Oviously his "thing" right now is everything 80's.

He does not believe he is bullied, when I ask him he says no. The teachers saw some kids throwing paper at him one day and he confronted them with "Hey, were you trying to throw those at me because its wasn't cool" , they said " we were just kidding around", then he said "ok, thats cool". So I am not sure he knows when he is really getting teased or not?

He has mention that he cannot keep up with the teachers at school, but he does not want to be in the smaller classes, because he is not a "retard" is what he says. He failed a couple of classes earlier this year but the school let him make it up. He has only been attacked once and he fought back, now him and that kid are friends :/. My son also suffers from Anxiety (hereditary), but we have not been successful at treating it yet, right now he is on Welbutrin. Noises have always been an issue with him, but I have never asked him about how it is at school.

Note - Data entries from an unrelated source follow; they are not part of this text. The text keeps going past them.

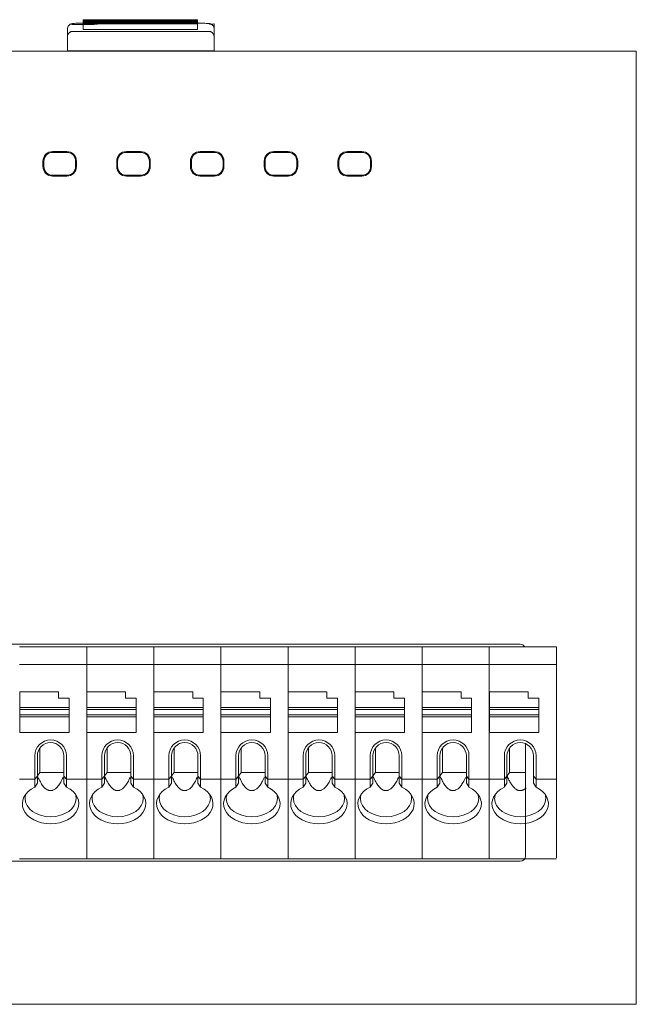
# Model space of a CAD drawing. Header units: millimetres. Extents: x -1114 to 1396, y -630 to 631.
# Tile 775 of 780: x 1218 to 1253, y 133 to 189. Entities that reach past the tile are written whole.
import ezdxf

# ---------------------------------------------------------------- set-up
doc = ezdxf.new("R2010")
doc.units = ezdxf.units.MM
doc.header["$MEASUREMENT"] = 0

msp = doc.modelspace()

# ---------------------------------------------------------------- linework, layer by layer
at = {"lineweight": 18}
for p, q in [((1221.2453, 188.6302), (1221.2414, 188.6302)), ((1221.2414, 188.6302), (1221.2414, 188.6298)), ((1221.2445, 188.6455), (1221.2483, 188.6455)), ((1221.2452, 188.7859), (1221.2452, 188.8173)), ((1221.2452, 188.7859), (1221.2452, 188.7226)), ((1221.2452, 188.7226), (1221.2452, 188.7857)), ((1221.2452, 188.6912), (1221.2452, 188.7226)), ((1221.2452, 188.6912), (1221.2452, 188.6279)), ((1221.2452, 188.6279), (1221.2452, 188.691)), ((1221.2452, 188.5965), (1221.2452, 188.6279)), ((1221.2452, 188.5965), (1221.2452, 188.2783)), ((1221.2452, 188.4373), (1221.2452, 188.5963)), ((1221.4452, 188.8277), (1227.52, 188.8277)), ((1227.52, 188.7754), (1221.4452, 188.7754)), ((1221.4452, 188.733), (1227.52, 188.733)), ((1227.52, 188.6807), (1221.4452, 188.6807)), ((1221.4452, 188.6383), (1227.52, 188.6383)), ((1227.52, 188.586), (1221.4452, 188.586)), ((1227.72, 188.8173), (1227.72, 188.7859)), ((1227.72, 188.7859), (1227.72, 188.7226)), ((1227.72, 188.7226), (1227.72, 188.6912)), ((1227.72, 188.6912), (1227.72, 188.6279)), ((1227.763, 188.6302), (1227.72, 188.6302)), ((1227.72, 188.6279), (1227.72, 188.5965)), ((1227.72, 188.5965), (1227.72, 188.2783)), ((1227.723, 188.6455), (1227.766, 188.6455)), ((1227.766, 188.6455), (1227.7629, 188.6455)), ((1227.763, 188.6302), (1227.763, 188.6298)), ((1228.663, 188.5981), (1228.663, 187.8399)), ((1220.3414, 187.8384), (1220.3414, 188.2988)), ((1220.3414, 187.836), (1220.3414, 188.2988)), ((1221.2452, 188.2782), (1221.2452, 188.4373)), ((1221.4452, 188.2679), (1227.52, 188.2679)), ((1228.663, 188.2988), (1228.663, 187.836)), ((1196.3886, 187.0397), (1252.5942, 187.0397)), ((1252.5942, 187.0397), (1196.3886, 187.0397)), ((1220.3414, 187.0422), (1220.3414, 187.0638)), ((1220.3414, 187.0397), (1220.3414, 187.0422)), ((1220.3414, 187.0422), (1228.663, 187.0422)), ((1228.663, 187.0422), (1228.663, 187.0639)), ((1228.663, 187.0422), (1228.663, 187.0397)), ((1252.5942, 187.0397), (1252.5942, 185.0397)), ((1252.5942, 185.0397), (1252.5942, 135.0397)), ((1219.507, 181.3603), (1220.307, 181.3603)), ((1223.6879, 181.3603), (1224.4879, 181.3603)), ((1227.8687, 181.3603), (1228.6687, 181.3603)), ((1232.0496, 181.3603), (1232.8496, 181.3603)), ((1236.2304, 181.3603), (1237.0304, 181.3603)), ((1218.957, 180.8103), (1218.957, 180.5103)), ((1219.007, 180.5103), (1219.007, 180.8103)), ((1219.1535, 181.1638), (1219.1138, 181.2035)), ((1219.507, 181.3103), (1220.307, 181.3103)), ((1220.7002, 181.2035), (1220.6606, 181.1638)), ((1220.807, 180.8103), (1220.807, 180.5103)), ((1220.8571, 180.8103), (1220.8571, 180.5103)), ((1223.1378, 180.8103), (1223.1378, 180.5103)), ((1223.1879, 180.5103), (1223.1879, 180.8103)), ((1223.3343, 181.1638), (1223.2947, 181.2035)), ((1223.6879, 181.3103), (1224.4879, 181.3103)), ((1224.8811, 181.2035), (1224.8414, 181.1638)), ((1224.9879, 180.8103), (1224.9879, 180.5103)), ((1225.0379, 180.8103), (1225.0379, 180.5103)), ((1227.3187, 180.8103), (1227.3187, 180.5103)), ((1227.3687, 180.5103), (1227.3687, 180.8103)), ((1227.5152, 181.1638), (1227.4755, 181.2035)), ((1227.8687, 181.3103), (1228.6687, 181.3103)), ((1229.0619, 181.2035), (1229.0223, 181.1638)), ((1229.1687, 180.8103), (1229.1687, 180.5103)), ((1229.2188, 180.8103), (1229.2188, 180.5103)), ((1231.4995, 180.8103), (1231.4995, 180.5103)), ((1231.5496, 180.5103), (1231.5496, 180.8103)), ((1231.696, 181.1638), (1231.6564, 181.2035)), ((1232.0496, 181.3103), (1232.8496, 181.3103)), ((1233.2031, 181.1638), (1233.2428, 181.2035)), ((1233.3496, 180.8103), (1233.3496, 180.5103)), ((1233.3997, 180.8103), (1233.3997, 180.5103)), ((1235.6804, 180.8103), (1235.6804, 180.5103)), ((1235.7304, 180.5103), (1235.7304, 180.8103)), ((1235.8769, 181.1638), (1235.8372, 181.2035)), ((1236.2304, 181.3103), (1237.0304, 181.3103)), ((1237.384, 181.1638), (1237.4237, 181.2035)), ((1237.5304, 180.8103), (1237.5304, 180.5103)), ((1237.5805, 180.5103), (1237.5805, 180.8103)), ((1219.1535, 180.1567), (1219.1138, 180.117)), ((1220.307, 180.0103), (1219.507, 180.0103)), ((1219.507, 179.9602), (1220.307, 179.9602)), ((1220.6606, 180.1567), (1220.7002, 180.117)), ((1223.2947, 180.117), (1223.3343, 180.1567)), ((1224.4879, 180.0103), (1223.6879, 180.0103)), ((1223.6879, 179.9602), (1224.4879, 179.9602)), ((1224.8414, 180.1567), (1224.8811, 180.117)), ((1227.4755, 180.117), (1227.5152, 180.1567)), ((1228.6687, 180.0103), (1227.8687, 180.0103)), ((1227.8687, 179.9602), (1228.6687, 179.9602)), ((1229.0223, 180.1567), (1229.0619, 180.117)), ((1231.6564, 180.117), (1231.696, 180.1567)), ((1232.8496, 180.0103), (1232.0496, 180.0103)), ((1232.0496, 179.9602), (1232.8496, 179.9602)), ((1233.2031, 180.1567), (1233.2428, 180.117)), ((1235.8769, 180.1567), (1235.8372, 180.117)), ((1237.0304, 180.0103), (1236.2304, 180.0103)), ((1236.2304, 179.9602), (1237.0304, 179.9602)), ((1237.384, 180.1567), (1237.4237, 180.117)), ((1202.9755, 153.4391), (1246.0122, 153.4391)), ((1217.6362, 153.2891), (1221.4394, 153.2891)), ((1221.4394, 153.2891), (1217.6362, 153.2891)), ((1221.4394, 153.2891), (1225.2427, 153.2891)), ((1221.4394, 153.2394), (1221.4394, 153.2891)), ((1221.4394, 153.2394), (1221.4394, 153.2891)), ((1225.2427, 153.2891), (1221.4394, 153.2891)), ((1221.4394, 152.3389), (1221.4394, 153.2394)), ((1221.4394, 152.3389), (1221.4394, 153.2394)), ((1225.2427, 153.2891), (1229.046, 153.2891)), ((1225.2427, 153.2394), (1225.2427, 153.2891)), ((1225.2427, 153.2394), (1225.2427, 153.2891)), ((1229.046, 153.2891), (1225.2427, 153.2891)), ((1225.2427, 152.3389), (1225.2427, 153.2394)), ((1225.2427, 152.3389), (1225.2427, 153.2394)), ((1229.046, 153.2891), (1232.8492, 153.2891)), ((1229.046, 153.2394), (1229.046, 153.2891)), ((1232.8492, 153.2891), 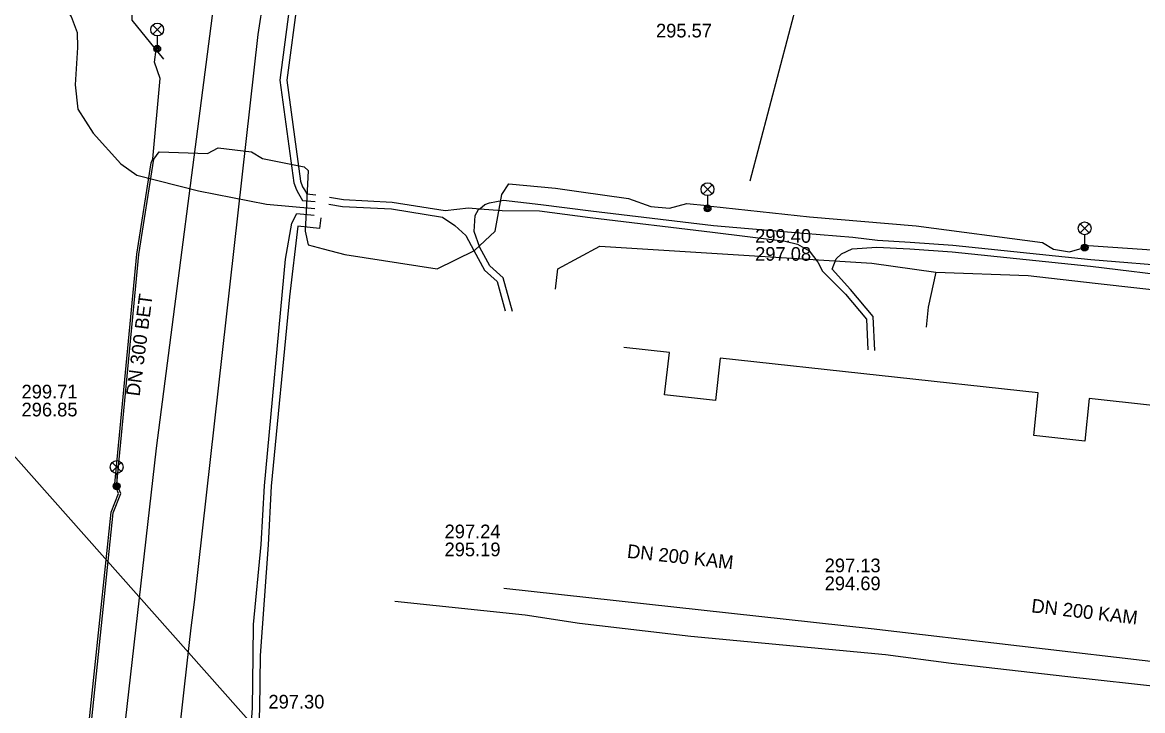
# Model space of a CAD drawing. Extents: x -595540 to -593988, y -1160850 to -1159202.
# Drawn here: x -594241.1 to -594175.6, y -1159680.7 to -1159640.4 of the extents above; entities that cross this region are included whole.
import ezdxf

# ---------------------------------------------------------------- set-up
doc = ezdxf.new("R2010")
doc.units = 0
for name, color, linetype in [('BVK-DESTOVA_popisy', 7, 'Continuous'), ('BVK-DESTOVA_trasa sítě', 7, 'Continuous'), ('BVK-SPLASKOVA_popisy', 7, 'Continuous'), ('BVK-SPLASKOVA_trasa sítě', 7, 'Continuous'), ('BVK-VODOVOD_trasa sítě', 7, 'Continuous'), ('CETIN_kabel podzemní', 7, 'Continuous'), ('DESTOVA-NEPROVOZOVANA_popisy', 7, 'Continuous'), ('DESTOVA_trasa neprovozované sítě', 7, 'Continuous'), ('EON-NN_kabel', 7, 'Continuous'), ('TEPLARNY-TEPLOVODY_trasa sítě', 7, 'Continuous'), ('TSB_kabel VO', 7, 'Continuous'), ('TSB_lampy VO', 7, 'Continuous')]:
    doc.layers.add(name, color=color, linetype=linetype)

msp = doc.modelspace()

# ---------------------------------------------------------------- linework, layer by layer
at = {"layer": 'BVK-DESTOVA_popisy'}
for p, q in [((-594216.431, -1159670.73), (-594216.431, -1159670.73)), ((-594194.197, -1159672.716), (-594194.197, -1159672.716))]:
    msp.add_line(p, q, dxfattribs=at)
at = {"layer": 'BVK-DESTOVA_trasa sítě'}
for p, q in [((-594212.96, -1159673.53), (-594191.48, -1159675.88)), ((-594191.48, -1159675.88), (-594169.692, -1159678.421))]:
    msp.add_line(p, q, dxfattribs=at)
at = {"layer": 'BVK-SPLASKOVA_popisy'}
msp.add_line((-594226.733, -1159679.764), (-594226.733, -1159679.764), dxfattribs=at)
at = {"layer": 'BVK-SPLASKOVA_trasa sítě'}
for p, q in [((-594219.343, -1159674.285), (-594211.718, -1159675.072)), ((-594211.718, -1159675.072), (-594208.532, -1159675.563)), ((-594208.532, -1159675.563), (-594202.025, -1159676.329)), ((-594202.025, -1159676.329), (-594190.648, -1159677.411)), ((-594190.648, -1159677.411), (-594186.794, -1159677.901)), ((-594186.794, -1159677.901), (-594180.153, -1159678.662)), ((-594180.153, -1159678.662), (-594169.037, -1159679.917))]:
    msp.add_line(p, q, dxfattribs=at)
at = {"layer": 'BVK-VODOVOD_trasa sítě'}
for points in [[(-594273.65, -1159934.55), (-594263.52, -1159935.05), (-594262.58, -1159934.25), (-594262.468, -1159932.723), (-594260.55, -1159907.62), (-594256.9, -1159905.05), (-594249.51, -1159840.27), (-594241.77, -1159770.73), (-594236.225, -1159720.275), (-594231.66, -1159679.47), (-594231.51, -1159678.08), (-594231.26, -1159675.84), (-594231.06, -1159674.35), (-594227.33, -1159641.13), (-594227, -1159638.96), (-594226.18, -1159633.07), (-594216.989, -1159543.028)], [(-594277.938, -1159642.091), (-594251.48, -1159654.69), (-594231.416, -1159677.293), (-594151.549, -1159767.337), (-594002.69, -1159935.17)]]:
    msp.add_lwpolyline(points, dxfattribs=at)
at = {"layer": 'CETIN_kabel podzemní'}
for points in [[(-594209.94, -1159656.03), (-594209.81, -1159654.85), (-594207.34, -1159653.52), (-594191.43, -1159654.51), (-594187.7, -1159655.03)], [(-594187.7, -1159655.03), (-594188.14, -1159657.09)], [(-594187.7, -1159655.03), (-594182.29, -1159655.24), (-594178.37, -1159655.68)], [(-594178.37, -1159655.68), (-594170.72, -1159656.54), (-594165.26, -1159657.16), (-594163.97, -1159657.3)], [(-594188.14, -1159657.09), (-594188.27, -1159658.25)]]:
    msp.add_lwpolyline(points, dxfattribs=at)
at = {"layer": 'DESTOVA-NEPROVOZOVANA_popisy'}
msp.add_line((-594198.265, -1159654.367), (-594198.265, -1159654.367), dxfattribs=at)
at = {"layer": 'DESTOVA_trasa neprovozované sítě'}
for p, q in [((-594229.28, -1159634.2), (-594233.3, -1159665.33)), ((-594198.556, -1159649.691), (-594194.569, -1159634.514)), ((-594233.3, -1159665.33), (-594237.53, -1159702.64))]:
    msp.add_line(p, q, dxfattribs=at)
at = {"layer": 'EON-NN_kabel'}
for points in [[(-594247.775, -1159638.005), (-594239.656, -1159638.954), (-594239.26, -1159639.127), (-594238.844, -1159639.37), (-594238.275, -1159640.074), (-594237.923, -1159641.009), (-594237.894, -1159641.897), (-594238.034, -1159644.081), (-594237.873, -1159645.5), (-594236.984, -1159646.906), (-594235.359, -1159648.693), (-594234.43, -1159649.355), (-594230.815, -1159650.278), (-594226.848, -1159651.049), (-594224.028, -1159651.308)], [(-594225.415, -1159638.886), (-594226.062, -1159643.812), (-594225.253, -1159649.815), (-594225.1, -1159650.219), (-594224.971, -1159650.43), (-594224.743, -1159650.841), (-594223.992, -1159650.91)], [(-594225.019, -1159638.942), (-594225.658, -1159643.811), (-594224.863, -1159649.716), (-594224.739, -1159650.042), (-594224.625, -1159650.229), (-594224.496, -1159650.462), (-594223.955, -1159650.512)], [(-594223.202, -1159651.056), (-594222.392, -1159651.192), (-594219.529, -1159651.337), (-594216.555, -1159651.816), (-594215.83, -1159652.315), (-594215.179, -1159652.883), (-594214.726, -1159653.771), (-594214.097, -1159654.924), (-594213.355, -1159655.581), (-594212.881, -1159657.29)], [(-594223.165, -1159650.657), (-594222.349, -1159650.794), (-594219.487, -1159650.939), (-594216.402, -1159651.435), (-594215.029, -1159651.28), (-594214.378, -1159651.325), (-594214.375, -1159651.325), (-594213.053, -1159651.427), (-594210.872, -1159651.452), (-594207.924, -1159651.841), (-594200.762, -1159652.69), (-594196.504, -1159653.216), (-594195.79, -1159653.398), (-594195.101, -1159653.792), (-594194.607, -1159654.445), (-594194.325, -1159654.975), (-594192.978, -1159656.322), (-594191.749, -1159657.784), (-594191.669, -1159659.583)], [(-594212.453, -1159657.338), (-594213.001, -1159655.36), (-594213.779, -1159654.671), (-594214.372, -1159653.584), (-594214.704, -1159652.657), (-594214.636, -1159651.728), (-594214.437, -1159651.376), (-594214.375, -1159651.325), (-594214.082, -1159651.084), (-594213.798, -1159650.974), (-594212.981, -1159650.822), (-594210.801, -1159651.075), (-594207.874, -1159651.444), (-594200.695, -1159652.308), (-594196.374, -1159652.668), (-594192.545, -1159652.982), (-594191.108, -1159653.172), (-594189.2, -1159653.278), (-594186.706, -1159653.455), (-594178.622, -1159654.288), (-594173.353, -1159654.734)], [(-594228.034, -1159685.509), (-594227.666, -1159680.54), (-594227.625, -1159677.46), (-594227.599, -1159675.646), (-594227.155, -1159670.963), (-594226.97, -1159667.527), (-594225.73, -1159654.271), (-594225.364, -1159652.171), (-594225.082, -1159651.613), (-594224.064, -1159651.707)], [(-594223.677, -1159651.858), (-594223.739, -1159652.48), (-594225.006, -1159652.338), (-594225.501, -1159656.481), (-594226.571, -1159667.556), (-594226.756, -1159670.993), (-594227.225, -1159677.466), (-594227.266, -1159680.557), (-594227.349, -1159682.927)], [(-594191.267, -1159659.628), (-594191.355, -1159657.631), (-594192.683, -1159656.051), (-594193.754, -1159654.862), (-594193.533, -1159654.254), (-594193.212, -1159653.959), (-594192.594, -1159653.681), (-594191.145, -1159653.571), (-594189.225, -1159653.677), (-594186.741, -1159653.854), (-594178.658, -1159654.686), (-594173.208, -1159655.351)]]:
    msp.add_lwpolyline(points, dxfattribs=at)
at = {"layer": 'TEPLARNY-TEPLOVODY_trasa sítě'}
msp.add_lwpolyline([(-594137.263, -1159669.977), (-594138.978, -1159669.75), (-594138.676, -1159666.832), (-594157.741, -1159664.737), (-594157.997, -1159667.224), (-594160.98, -1159666.896), (-594160.723, -1159664.409), (-594178.729, -1159662.43), (-594178.973, -1159664.918), (-594181.955, -1159664.591), (-594181.712, -1159662.102), (-594200.302, -1159660.059), (-594200.578, -1159662.544), (-594203.56, -1159662.216), (-594203.284, -1159659.732), (-594205.952, -1159659.438)], dxfattribs=at)
at = {"layer": 'TSB_kabel VO'}
for points in [[(-594232.077, -1159622.17), (-594231.555, -1159622.244), (-594231.338, -1159622.576), (-594231.494, -1159623.814), (-594232.168, -1159624.288), (-594233.442, -1159624.45), (-594233.67, -1159624.59), (-594233.9, -1159626.96), (-594234.57, -1159627.75), (-594235.22, -1159629.73), (-594235.1, -1159630.67), (-594234.23, -1159631.58), (-594234.69, -1159638.31), (-594234.73, -1159640.29), (-594232.88, -1159642.57)], [(-594241.41, -1159716.237), (-594240.74, -1159709.462), (-594239.42, -1159700.924), (-594239.37, -1159699.695), (-594239, -1159696.658), (-594239.101, -1159694.276), (-594238.709, -1159693.571), (-594238.64, -1159693.57), (-594238.643, -1159693.501), (-594238.457, -1159693.385), (-594237.25, -1159681.714), (-594235.939, -1159669.085), (-594235.495, -1159667.981), (-594235.643, -1159667.635), (-594235.61, -1159667.56), (-594235.686, -1159667.527), (-594235.721, -1159667.428), (-594234.43, -1159653.993), (-594233.596, -1159648.638), (-594233.5, -1159648.41), (-594233.07, -1159643.7), (-594233.4, -1159642.76), (-594233.31, -1159642.01), (-594233.24, -1159641.97)], [(-594237.13, -1159681.726), (-594235.821, -1159669.115), (-594235.365, -1159667.979), (-594235.554, -1159667.538), (-594235.599, -1159667.412), (-594234.31, -1159654.007), (-594233.44, -1159648.417), (-594233.12, -1159648), (-594230.3, -1159648.1), (-594229.67, -1159647.77), (-594227.72, -1159647.99), (-594227.09, -1159648.39), (-594224.65, -1159648.87), (-594224.41, -1159649.09), (-594224.58, -1159652.63), (-594224.4, -1159653.43), (-594223.54, -1159653.67), (-594222.27, -1159654.01), (-594216.87, -1159654.84), (-594214.68, -1159653.76), (-594213.47, -1159652.63), (-594213.08, -1159650.49), (-594212.67, -1159649.87), (-594209.94, -1159650.13), (-594208.57, -1159650.32), (-594205.67, -1159650.72), (-594204.36, -1159651.2), (-594203.28, -1159651.29), (-594202.27, -1159651.01), (-594201.081, -1159651.145), (-594201.05, -1159651.31), (-594200.962, -1159651.158), (-594200.86, -1159651.17), (-594195.08, -1159651.8), (-594188.84, -1159652.32), (-594181.46, -1159653.3), (-594180.81, -1159653.69), (-594179.88, -1159653.85), (-594178.995, -1159653.596), (-594178.76, -1159653.48), (-594169.94, -1159654.08)]]:
    msp.add_lwpolyline(points, dxfattribs=at)
at = {"layer": 'TSB_lampy VO'}
for p, q in [((-594233.505, -1159641.11), (-594232.975, -1159640.58)), ((-594233.505, -1159640.58), (-594232.975, -1159641.11)), ((-594233.505, -1159641.11), (-594232.975, -1159640.58)), ((-594233.505, -1159640.58), (-594232.975, -1159641.11)), ((-594233.24, -1159641.22), (-594233.24, -1159641.97)), ((-594233.24, -1159641.22), (-594233.24, -1159641.97)), ((-594201.315, -1159650.45), (-594200.785, -1159649.92)), ((-594201.315, -1159649.92), (-594200.785, -1159650.45)), ((-594201.315, -1159650.45), (-594200.785, -1159649.92)), ((-594201.315, -1159649.92), (-594200.785, -1159650.45)), ((-594201.05, -1159650.56), (-594201.05, -1159651.31)), ((-594201.05, -1159650.56), (-594201.05, -1159651.31)), ((-594179.26, -1159652.736), (-594178.73, -1159652.206)), ((-594179.26, -1159652.206), (-594178.73, -1159652.736)), ((-594179.26, -1159652.736), (-594178.73, -1159652.206)), ((-594179.26, -1159652.206), (-594178.73, -1159652.736)), ((-594178.995, -1159652.846), (-594178.995, -1159653.596)), ((-594178.995, -1159652.846), (-594178.995, -1159653.596)), ((-594235.875, -1159666.7), (-594235.345, -1159666.17)), ((-594235.875, -1159666.17), (-594235.345, -1159666.7)), ((-594235.875, -1159666.7), (-594235.345, -1159666.17)), ((-594235.875, -1159666.17), (-594235.345, -1159666.7)), ((-594235.61, -1159666.81), (-594235.61, -1159667.56)), ((-594235.61, -1159666.81), (-594235.61, -1159667.56))]:
    msp.add_line(p, q, dxfattribs=at)
for centre, radius in [((-594233.24, -1159640.845), 0.375), ((-594233.24, -1159640.845), 0.375), ((-594233.24, -1159641.97), 0.2), ((-594233.24, -1159641.97), 0.2), ((-594233.24, -1159641.97), 0.145), ((-594233.24, -1159641.97), 0.145), ((-594233.24, -1159641.97), 0.0876), ((-594233.24, -1159641.97), 0.0876), ((-594201.05, -1159650.185), 0.375), ((-594201.05, -1159650.185), 0.375), ((-594201.05, -1159651.31), 0.2), ((-594201.05, -1159651.31), 0.2), ((-594201.05, -1159651.31), 0.145), ((-594201.05, -1159651.31), 0.145), ((-594201.05, -1159651.31), 0.0876), ((-594201.05, -1159651.31), 0.0876), ((-594178.995, -1159652.471), 0.375), ((-594178.995, -1159652.471), 0.375), ((-594178.995, -1159653.596), 0.2), ((-594178.995, -1159653.596), 0.2), ((-594178.995, -1159653.596), 0.145), ((-594178.995, -1159653.596), 0.145), ((-594178.995, -1159653.596), 0.0876), ((-594178.995, -1159653.596), 0.0876), ((-594235.61, -1159666.435), 0.375), ((-594235.61, -1159666.435), 0.375), ((-594235.61, -1159667.56), 0.2), ((-594235.61, -1159667.56), 0.2), ((-594235.61, -1159667.56), 0.145), ((-594235.61, -1159667.56), 0.145), ((-594235.61, -1159667.56), 0.0876), ((-594235.61, -1159667.56), 0.0876)]:
    msp.add_circle(centre, radius, dxfattribs=at)

# ---------------------------------------------------------------- texts
at = {"layer": 'BVK-DESTOVA_popisy'}
for s, p in [('295.57', (-594204.064, -1159641.306)), ('297.24', (-594216.431, -1159670.605)), ('295.19', (-594216.431, -1159671.655)), ('297.13', (-594194.197, -1159672.591)), ('294.69', (-594194.197, -1159673.641))]:
    msp.add_text(s, height=0.8, dxfattribs=at).set_placement(p)
for rotation, p in [(353.75644, (-594205.785, -1159671.74)), (353.348, (-594182.14, -1159674.931))]:
    msp.add_text('DN 200 KAM', height=0.8, rotation=rotation, dxfattribs=at).set_placement(p)
at = {"layer": 'BVK-SPLASKOVA_popisy'}
msp.add_text('297.30', height=0.8, dxfattribs=at).set_placement((-594226.733, -1159680.564))
at = {"layer": 'DESTOVA-NEPROVOZOVANA_popisy'}
for s, p in [('299.40', (-594198.265, -1159653.317)), ('297.08', (-594198.265, -1159654.367)), ('299.71', (-594241.173, -1159662.424)), ('296.85', (-594241.173, -1159663.474))]:
    msp.add_text(s, height=0.8, dxfattribs=at).set_placement(p)
msp.add_text('DN 300 BET', height=0.8, rotation=82.62051, dxfattribs=at).set_placement((-594234.272, -1159662.326))

doc.saveas('drawing.dxf')

Thanks for letting me know what worked for you, I may be putting some of it to use.Kendra

From: <tamaoki_s@...>Subject: ( ) Re: I am new and am looking for ideas for my 15 year old son Date: Thursday, March 31, 2011, 5:13 PM

My son was awful at 15, but is really great at 19. At 15 he was cruel to his little sister to the point where I worried about leaving them alone together in the house for fear he might lose his temper and hurt her or maybe hurt himself. He punched the walls and yelled. He grunted instead of talked. He refused to do work in some of his classes and so was failing some classes. He refused to do chores at home. He refused to get haircuts and wore his winter coat whenever he left the house, even during the summer. He was physically attacked by another student during a class at the beginning of the school year. Eventually he just he refused to go to school anymore and barely left his room. I tried everything I could think of to help.Turns out that his anxiety levels were off the chart. He was being bullied at school and was afraid for his life. He couldn't follow the social interactions with his peers. He couldn't follow homework instructions if

they weren't in writing. He could not handle the noise and strong smells in the lunch room or the school restrooms. We moved him to a new school with small classes where he got the right services and got our funny, caring son back.The first step for turning this around was getting an advocate to help us get an IEP with the right services. She helped us get the school to do a more thorough diagnosis. And she got the district to have him observed at school for a couple of days. The report was a real eye opener for everyone. Our public school said that they had no services for him. I found a Christian homeschooling group, but they did not want to work with him. Then I found a private school that worked with AS kids that said they would work with him. Then I got a lawyer to help place him at the private school. We tried medication, but had to drop it after a while. As soon as he was in a different school, the change in him was almost immediate. He

felt safe. He was calmer. He had real friends. He was smiling. By his senior year he was a straight A student. So my advice to you is to look for the things in his environment that are triggering his negative behavior, especially at school.